Task: From the first line of the material through the line that holds "import ezdxf", repeat each line exactly and skip any picture.

Record extracts:
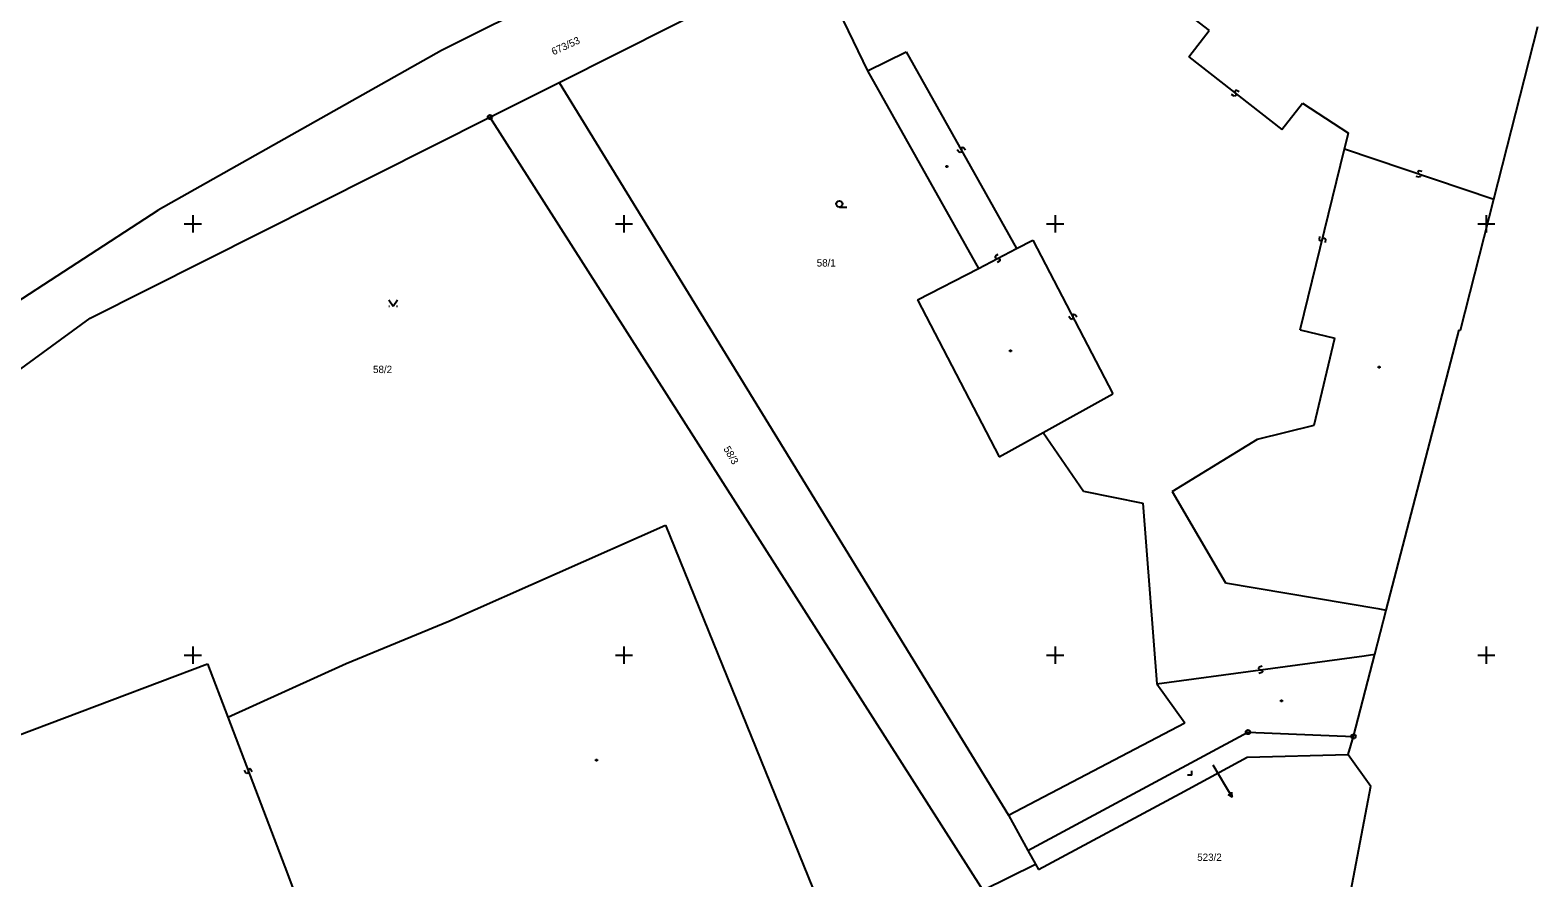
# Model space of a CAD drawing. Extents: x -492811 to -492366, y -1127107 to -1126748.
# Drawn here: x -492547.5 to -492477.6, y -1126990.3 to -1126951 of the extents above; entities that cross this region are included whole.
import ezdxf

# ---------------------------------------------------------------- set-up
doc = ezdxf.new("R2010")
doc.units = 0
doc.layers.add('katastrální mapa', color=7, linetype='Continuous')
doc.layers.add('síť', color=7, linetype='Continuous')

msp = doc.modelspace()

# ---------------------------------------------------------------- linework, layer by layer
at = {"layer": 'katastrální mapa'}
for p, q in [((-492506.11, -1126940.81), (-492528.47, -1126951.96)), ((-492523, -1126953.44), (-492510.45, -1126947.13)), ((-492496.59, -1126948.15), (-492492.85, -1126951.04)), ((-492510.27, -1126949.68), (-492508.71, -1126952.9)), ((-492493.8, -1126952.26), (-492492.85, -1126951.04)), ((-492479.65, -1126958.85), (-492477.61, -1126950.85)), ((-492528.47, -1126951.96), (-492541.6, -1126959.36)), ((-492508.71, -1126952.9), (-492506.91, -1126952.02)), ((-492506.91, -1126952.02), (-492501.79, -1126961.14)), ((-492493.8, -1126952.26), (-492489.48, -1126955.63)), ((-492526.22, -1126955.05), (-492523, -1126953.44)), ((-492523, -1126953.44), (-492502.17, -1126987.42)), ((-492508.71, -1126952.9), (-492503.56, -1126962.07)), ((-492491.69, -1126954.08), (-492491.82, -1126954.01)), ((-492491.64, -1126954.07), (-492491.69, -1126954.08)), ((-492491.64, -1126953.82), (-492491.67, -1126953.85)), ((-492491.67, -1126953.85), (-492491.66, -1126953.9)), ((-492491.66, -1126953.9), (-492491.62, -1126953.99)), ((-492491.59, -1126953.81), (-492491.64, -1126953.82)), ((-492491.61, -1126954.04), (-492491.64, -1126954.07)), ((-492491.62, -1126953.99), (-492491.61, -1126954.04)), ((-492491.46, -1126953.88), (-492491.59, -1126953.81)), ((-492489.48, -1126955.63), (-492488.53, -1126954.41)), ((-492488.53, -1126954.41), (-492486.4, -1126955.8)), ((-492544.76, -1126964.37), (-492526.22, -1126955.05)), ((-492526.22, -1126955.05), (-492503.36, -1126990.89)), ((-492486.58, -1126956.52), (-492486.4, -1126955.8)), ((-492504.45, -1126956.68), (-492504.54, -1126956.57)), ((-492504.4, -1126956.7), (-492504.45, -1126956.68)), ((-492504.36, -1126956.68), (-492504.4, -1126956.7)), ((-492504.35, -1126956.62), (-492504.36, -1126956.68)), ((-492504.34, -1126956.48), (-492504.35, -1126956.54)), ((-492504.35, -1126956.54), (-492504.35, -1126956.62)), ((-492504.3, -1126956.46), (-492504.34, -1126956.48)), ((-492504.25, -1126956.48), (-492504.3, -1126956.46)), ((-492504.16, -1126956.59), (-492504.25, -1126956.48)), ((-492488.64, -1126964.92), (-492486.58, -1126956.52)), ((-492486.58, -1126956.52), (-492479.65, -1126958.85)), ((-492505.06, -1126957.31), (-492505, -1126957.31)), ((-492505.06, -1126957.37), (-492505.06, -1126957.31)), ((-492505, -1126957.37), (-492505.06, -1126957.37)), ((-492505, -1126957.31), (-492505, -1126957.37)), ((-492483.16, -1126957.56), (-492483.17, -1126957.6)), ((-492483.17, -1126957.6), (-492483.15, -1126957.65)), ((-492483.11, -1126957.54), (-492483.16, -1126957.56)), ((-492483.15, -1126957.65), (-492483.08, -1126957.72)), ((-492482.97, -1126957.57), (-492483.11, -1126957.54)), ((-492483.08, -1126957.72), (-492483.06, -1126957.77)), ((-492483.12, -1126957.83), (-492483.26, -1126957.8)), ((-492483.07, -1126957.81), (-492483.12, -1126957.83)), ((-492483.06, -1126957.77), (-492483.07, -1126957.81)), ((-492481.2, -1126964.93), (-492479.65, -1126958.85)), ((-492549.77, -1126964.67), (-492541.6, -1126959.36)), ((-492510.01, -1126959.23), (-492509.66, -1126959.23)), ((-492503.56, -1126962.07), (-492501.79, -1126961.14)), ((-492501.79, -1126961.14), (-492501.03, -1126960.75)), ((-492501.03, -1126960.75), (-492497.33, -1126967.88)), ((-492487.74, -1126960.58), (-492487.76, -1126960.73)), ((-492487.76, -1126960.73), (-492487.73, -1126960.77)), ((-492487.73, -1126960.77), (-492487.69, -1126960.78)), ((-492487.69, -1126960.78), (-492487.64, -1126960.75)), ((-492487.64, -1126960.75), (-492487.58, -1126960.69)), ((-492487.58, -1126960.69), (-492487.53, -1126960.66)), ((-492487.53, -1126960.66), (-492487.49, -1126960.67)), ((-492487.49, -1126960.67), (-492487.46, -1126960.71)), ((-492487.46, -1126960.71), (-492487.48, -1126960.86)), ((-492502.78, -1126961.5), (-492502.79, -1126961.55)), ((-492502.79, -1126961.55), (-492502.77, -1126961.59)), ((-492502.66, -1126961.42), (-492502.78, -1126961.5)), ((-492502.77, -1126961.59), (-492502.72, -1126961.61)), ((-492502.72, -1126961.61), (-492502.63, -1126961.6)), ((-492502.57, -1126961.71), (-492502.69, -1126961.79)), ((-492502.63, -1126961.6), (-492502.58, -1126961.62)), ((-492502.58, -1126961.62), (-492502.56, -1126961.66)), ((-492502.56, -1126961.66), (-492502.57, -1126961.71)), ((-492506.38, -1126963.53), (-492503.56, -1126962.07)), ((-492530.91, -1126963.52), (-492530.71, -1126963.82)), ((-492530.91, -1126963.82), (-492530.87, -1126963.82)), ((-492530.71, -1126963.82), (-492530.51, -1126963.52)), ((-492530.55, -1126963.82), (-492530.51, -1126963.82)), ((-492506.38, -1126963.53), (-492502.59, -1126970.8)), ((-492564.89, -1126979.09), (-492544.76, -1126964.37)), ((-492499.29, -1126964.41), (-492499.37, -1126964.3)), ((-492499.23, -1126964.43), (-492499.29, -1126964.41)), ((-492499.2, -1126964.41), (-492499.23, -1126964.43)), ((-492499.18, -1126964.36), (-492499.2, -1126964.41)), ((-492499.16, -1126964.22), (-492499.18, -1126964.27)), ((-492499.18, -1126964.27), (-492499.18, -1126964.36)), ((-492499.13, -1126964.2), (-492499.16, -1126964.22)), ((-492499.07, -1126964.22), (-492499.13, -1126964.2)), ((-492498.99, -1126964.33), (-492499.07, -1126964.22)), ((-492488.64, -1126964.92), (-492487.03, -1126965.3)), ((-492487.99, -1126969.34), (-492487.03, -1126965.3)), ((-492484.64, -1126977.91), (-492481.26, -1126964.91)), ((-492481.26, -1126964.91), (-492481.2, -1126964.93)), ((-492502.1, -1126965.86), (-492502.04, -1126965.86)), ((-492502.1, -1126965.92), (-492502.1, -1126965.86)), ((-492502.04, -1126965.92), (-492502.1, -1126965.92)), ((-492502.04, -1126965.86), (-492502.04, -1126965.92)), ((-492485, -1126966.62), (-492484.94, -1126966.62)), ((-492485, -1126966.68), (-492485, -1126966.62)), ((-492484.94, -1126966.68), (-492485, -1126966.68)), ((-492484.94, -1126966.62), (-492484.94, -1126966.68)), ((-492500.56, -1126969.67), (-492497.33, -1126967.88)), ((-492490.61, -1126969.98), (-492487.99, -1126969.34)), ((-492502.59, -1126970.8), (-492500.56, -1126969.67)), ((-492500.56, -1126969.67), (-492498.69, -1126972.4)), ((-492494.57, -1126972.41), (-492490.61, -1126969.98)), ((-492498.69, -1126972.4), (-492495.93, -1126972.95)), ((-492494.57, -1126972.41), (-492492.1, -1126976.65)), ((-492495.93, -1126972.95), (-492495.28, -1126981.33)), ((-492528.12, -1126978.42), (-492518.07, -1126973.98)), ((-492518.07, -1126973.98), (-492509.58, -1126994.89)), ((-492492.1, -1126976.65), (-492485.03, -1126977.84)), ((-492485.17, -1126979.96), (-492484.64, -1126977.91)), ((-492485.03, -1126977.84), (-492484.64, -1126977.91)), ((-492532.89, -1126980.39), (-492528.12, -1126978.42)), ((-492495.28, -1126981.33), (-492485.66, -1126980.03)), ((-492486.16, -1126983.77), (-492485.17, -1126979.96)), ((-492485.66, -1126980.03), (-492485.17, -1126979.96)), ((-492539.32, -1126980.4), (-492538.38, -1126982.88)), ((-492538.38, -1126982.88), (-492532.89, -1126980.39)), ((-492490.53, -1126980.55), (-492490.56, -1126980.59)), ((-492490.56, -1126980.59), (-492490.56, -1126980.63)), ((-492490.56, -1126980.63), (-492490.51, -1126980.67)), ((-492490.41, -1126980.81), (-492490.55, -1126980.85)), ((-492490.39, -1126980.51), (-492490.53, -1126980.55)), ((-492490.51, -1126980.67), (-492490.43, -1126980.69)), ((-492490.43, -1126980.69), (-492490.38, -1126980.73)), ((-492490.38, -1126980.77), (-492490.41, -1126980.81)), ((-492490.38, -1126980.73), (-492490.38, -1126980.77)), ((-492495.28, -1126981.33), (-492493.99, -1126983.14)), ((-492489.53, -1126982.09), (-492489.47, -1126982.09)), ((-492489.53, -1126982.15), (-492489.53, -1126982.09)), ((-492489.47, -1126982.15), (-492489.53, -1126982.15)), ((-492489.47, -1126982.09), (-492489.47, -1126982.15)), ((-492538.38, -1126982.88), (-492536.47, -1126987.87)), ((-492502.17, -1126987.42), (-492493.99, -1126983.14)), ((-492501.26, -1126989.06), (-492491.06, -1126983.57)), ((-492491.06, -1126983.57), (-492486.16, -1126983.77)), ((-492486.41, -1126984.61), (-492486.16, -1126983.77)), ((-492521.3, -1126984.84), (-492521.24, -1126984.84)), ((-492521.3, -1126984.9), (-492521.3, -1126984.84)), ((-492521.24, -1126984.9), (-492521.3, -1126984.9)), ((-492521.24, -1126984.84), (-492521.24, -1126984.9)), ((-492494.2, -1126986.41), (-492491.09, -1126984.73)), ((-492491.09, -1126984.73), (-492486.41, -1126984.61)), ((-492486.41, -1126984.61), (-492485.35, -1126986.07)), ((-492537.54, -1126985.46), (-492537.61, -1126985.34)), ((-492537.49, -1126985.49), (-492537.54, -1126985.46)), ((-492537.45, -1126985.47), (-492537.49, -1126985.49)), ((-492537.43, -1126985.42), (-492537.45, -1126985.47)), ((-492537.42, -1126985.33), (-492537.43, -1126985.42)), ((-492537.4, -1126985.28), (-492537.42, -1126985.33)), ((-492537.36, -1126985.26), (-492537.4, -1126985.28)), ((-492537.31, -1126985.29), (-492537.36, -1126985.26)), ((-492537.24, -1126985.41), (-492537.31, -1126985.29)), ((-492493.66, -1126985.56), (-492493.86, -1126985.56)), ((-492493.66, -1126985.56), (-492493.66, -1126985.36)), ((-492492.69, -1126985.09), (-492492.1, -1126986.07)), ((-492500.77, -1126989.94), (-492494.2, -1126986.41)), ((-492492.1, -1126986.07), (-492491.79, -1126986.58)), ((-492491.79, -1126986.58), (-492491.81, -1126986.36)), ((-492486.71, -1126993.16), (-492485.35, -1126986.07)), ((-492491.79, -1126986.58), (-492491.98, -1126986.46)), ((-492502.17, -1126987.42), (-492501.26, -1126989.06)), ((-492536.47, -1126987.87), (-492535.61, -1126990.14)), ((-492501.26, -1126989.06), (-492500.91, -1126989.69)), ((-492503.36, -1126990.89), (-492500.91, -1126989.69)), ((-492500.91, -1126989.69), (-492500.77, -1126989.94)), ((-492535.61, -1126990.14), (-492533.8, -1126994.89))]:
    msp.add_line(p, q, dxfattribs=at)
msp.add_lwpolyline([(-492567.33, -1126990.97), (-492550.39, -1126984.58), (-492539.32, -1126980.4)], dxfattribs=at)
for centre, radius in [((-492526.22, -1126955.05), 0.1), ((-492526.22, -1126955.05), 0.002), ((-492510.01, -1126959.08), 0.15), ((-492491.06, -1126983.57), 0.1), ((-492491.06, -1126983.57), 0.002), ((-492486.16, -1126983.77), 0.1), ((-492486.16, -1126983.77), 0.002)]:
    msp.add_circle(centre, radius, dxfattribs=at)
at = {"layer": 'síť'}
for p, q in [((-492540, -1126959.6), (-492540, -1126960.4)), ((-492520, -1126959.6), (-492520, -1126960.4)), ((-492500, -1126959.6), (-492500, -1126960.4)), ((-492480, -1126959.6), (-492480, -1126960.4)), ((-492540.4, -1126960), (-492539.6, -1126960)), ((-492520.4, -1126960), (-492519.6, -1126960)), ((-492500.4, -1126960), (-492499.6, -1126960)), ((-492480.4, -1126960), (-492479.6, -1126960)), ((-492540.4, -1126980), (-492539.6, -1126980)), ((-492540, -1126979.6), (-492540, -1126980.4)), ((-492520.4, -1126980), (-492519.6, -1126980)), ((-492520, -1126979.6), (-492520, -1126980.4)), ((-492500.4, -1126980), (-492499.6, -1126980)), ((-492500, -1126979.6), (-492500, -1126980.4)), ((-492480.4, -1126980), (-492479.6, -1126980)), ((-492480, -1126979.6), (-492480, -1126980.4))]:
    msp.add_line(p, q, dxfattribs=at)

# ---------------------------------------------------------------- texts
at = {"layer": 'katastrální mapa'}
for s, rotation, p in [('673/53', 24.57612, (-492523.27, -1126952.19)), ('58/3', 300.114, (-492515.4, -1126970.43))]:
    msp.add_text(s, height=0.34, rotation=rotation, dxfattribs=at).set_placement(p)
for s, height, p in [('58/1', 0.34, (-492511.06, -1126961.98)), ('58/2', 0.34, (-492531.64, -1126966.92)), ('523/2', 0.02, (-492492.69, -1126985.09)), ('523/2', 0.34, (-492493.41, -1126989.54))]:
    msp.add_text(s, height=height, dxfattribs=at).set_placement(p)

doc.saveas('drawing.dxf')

Response:
# Model space of a CAD drawing. Extents: x -492811 to -492366, y -1127107 to -1126748.
# Drawn here: x -492547.5 to -492477.6, y -1126990.3 to -1126951 of the extents above; entities that cross this region are included whole.
import ezdxf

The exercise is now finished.